• Work instructions:
Each line of the records has to be copied exactly, though the pictures must be left out.

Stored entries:
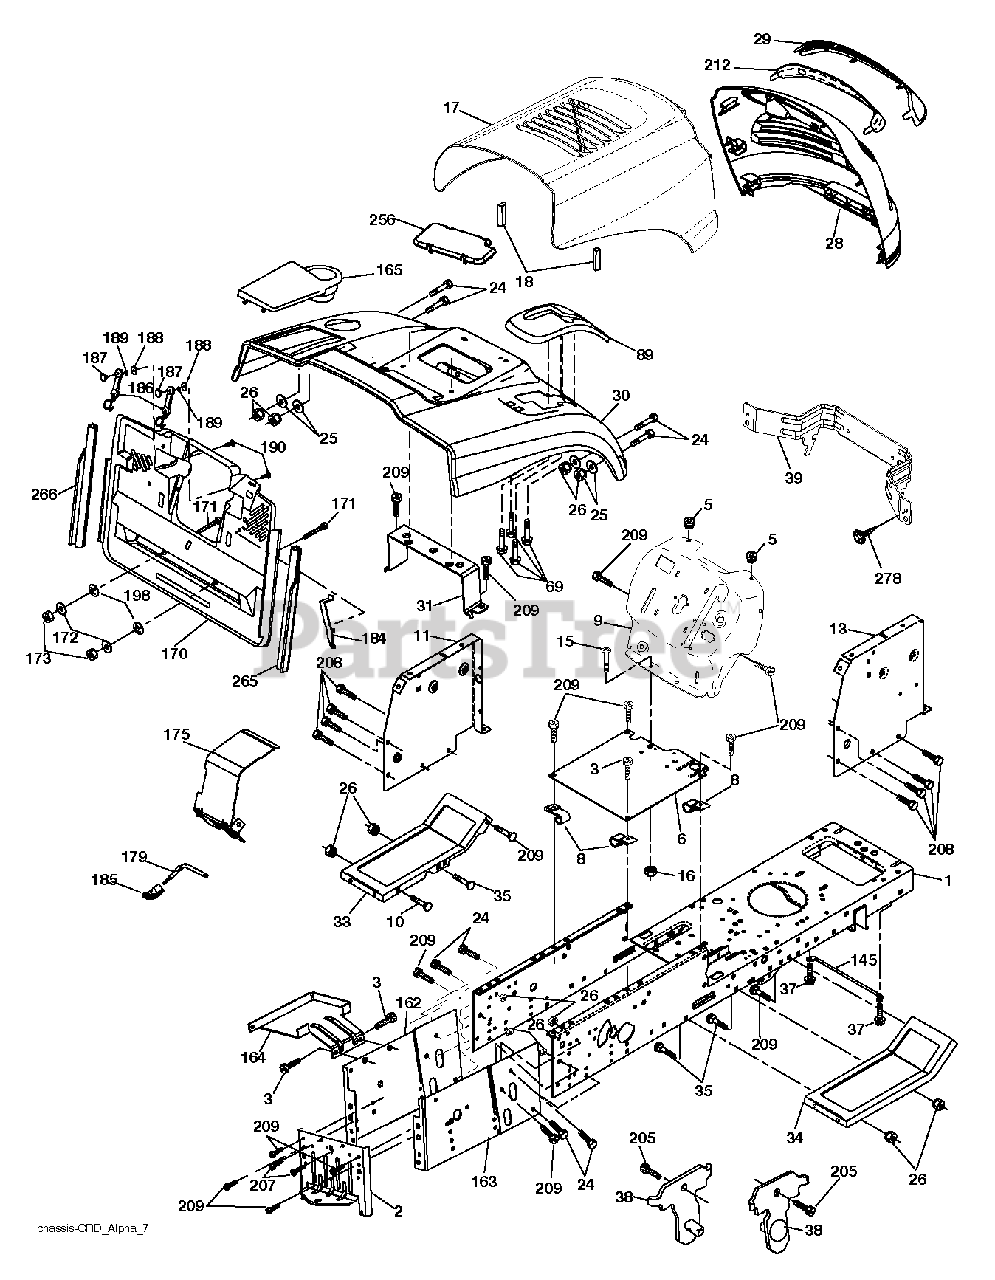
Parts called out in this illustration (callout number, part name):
1	CHASSIS
3	SCREW 3/8-16X3/4
5	BUMPER.RUBBER.HOOD
8	CLIP,INSULATOR
9	FENDER LT SH
10	BOLT D
11	PANEL.DASH.LH.LTX
13	PANEL DASH RH
16	NUT
17	HOOD.PNT.STEEL.ALPHA.LT.667
18	BUMPER.HOOD.LARGE.1.75"
25	WASHER
26	NUT
28	GRILLE.ASM.ALPHA
29	LENS.ALPHA.BAR.LT
30	FENDER.PNT.CRD.MS667
31	BRACKET SUPPORT FENDER
33	FOOTREST.PNT.LH.MS667
34	FOOTREST.PNT.RH.MS667
39	BRACKET.PIVOT.ALPHA.LT
69	SCREW.HI-LO.CONSOLE
89	CONSOLE.CRD.AUTO.BLACK
145	ROD.PIVOT.HOOD
164	SUPPORT
165	FENDER.PNT.CRD.
171	BOLT
172	WASHER
184	BRACKET.ACTUATOR.BAGGER.SRD
185	KNOB.BRAKE.PARKING.ROD
187	WELDNUT
207	SCREW, 5/16-18 X 1/2
208	SCREW 3/8-16X1/2
209	SCREW, 3/8-16X3/4
212	INSERT.ALPHA.REFLECTIVE.LT.
256	FENDER.PNT.CRD
278	SCREW.#10 X 0.750.BOS THREAD
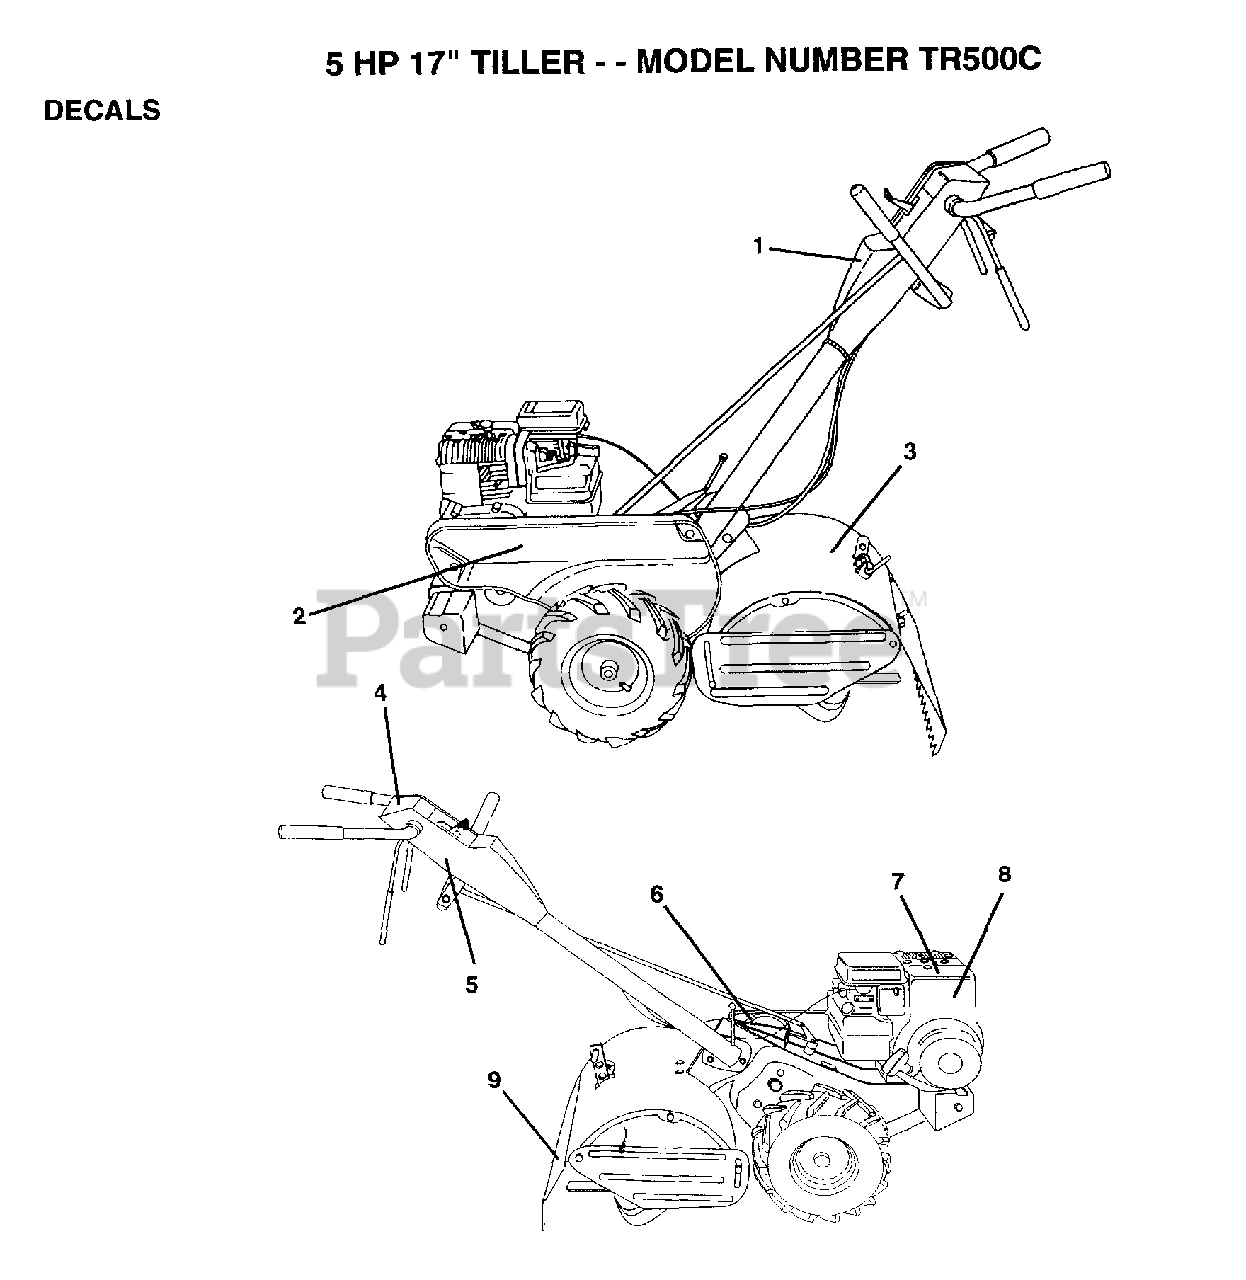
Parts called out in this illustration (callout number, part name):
1	DECAL.PNL.CONTROL
3	DECAL.SHLD.TINE
4	DECAL.INSTRUCTION
5	DECAL TI
6	DECAL CRT
9	DECAL TI

• Response:
Parts called out in this illustration (callout number, part name):
1	CHASSIS
3	SCREW 3/8-16X3/4
5	BUMPER.RUBBER.HOOD
8	CLIP,INSULATOR
9	FENDER LT SH
10	BOLT D
11	PANEL.DASH.LH.LTX
13	PANEL DASH RH
16	NUT
17	HOOD.PNT.STEEL.ALPHA.LT.667
18	BUMPER.HOOD.LARGE.1.75"
25	WASHER
26	NUT
28	GRILLE.ASM.ALPHA
29	LENS.ALPHA.BAR.LT
30	FENDER.PNT.CRD.MS667
31	BRACKET SUPPORT FENDER
33	FOOTREST.PNT.LH.MS667
34	FOOTREST.PNT.RH.MS667
39	BRACKET.PIVOT.ALPHA.LT
69	SCREW.HI-LO.CONSOLE
89	CONSOLE.CRD.AUTO.BLACK
145	ROD.PIVOT.HOOD
164	SUPPORT
165	FENDER.PNT.CRD.
171	BOLT
172	WASHER
184	BRACKET.ACTUATOR.BAGGER.SRD
185	KNOB.BRAKE.PARKING.ROD
187	WELDNUT
207	SCREW, 5/16-18 X 1/2
208	SCREW 3/8-16X1/2
209	SCREW, 3/8-16X3/4
212	INSERT.ALPHA.REFLECTIVE.LT.
256	FENDER.PNT.CRD
278	SCREW.#10 X 0.750.BOS THREAD
Parts called out in this illustration (callout number, part name):
1	DECAL.PNL.CONTROL
3	DECAL.SHLD.TINE
4	DECAL.INSTRUCTION
5	DECAL TI
6	DECAL CRT
9	DECAL TI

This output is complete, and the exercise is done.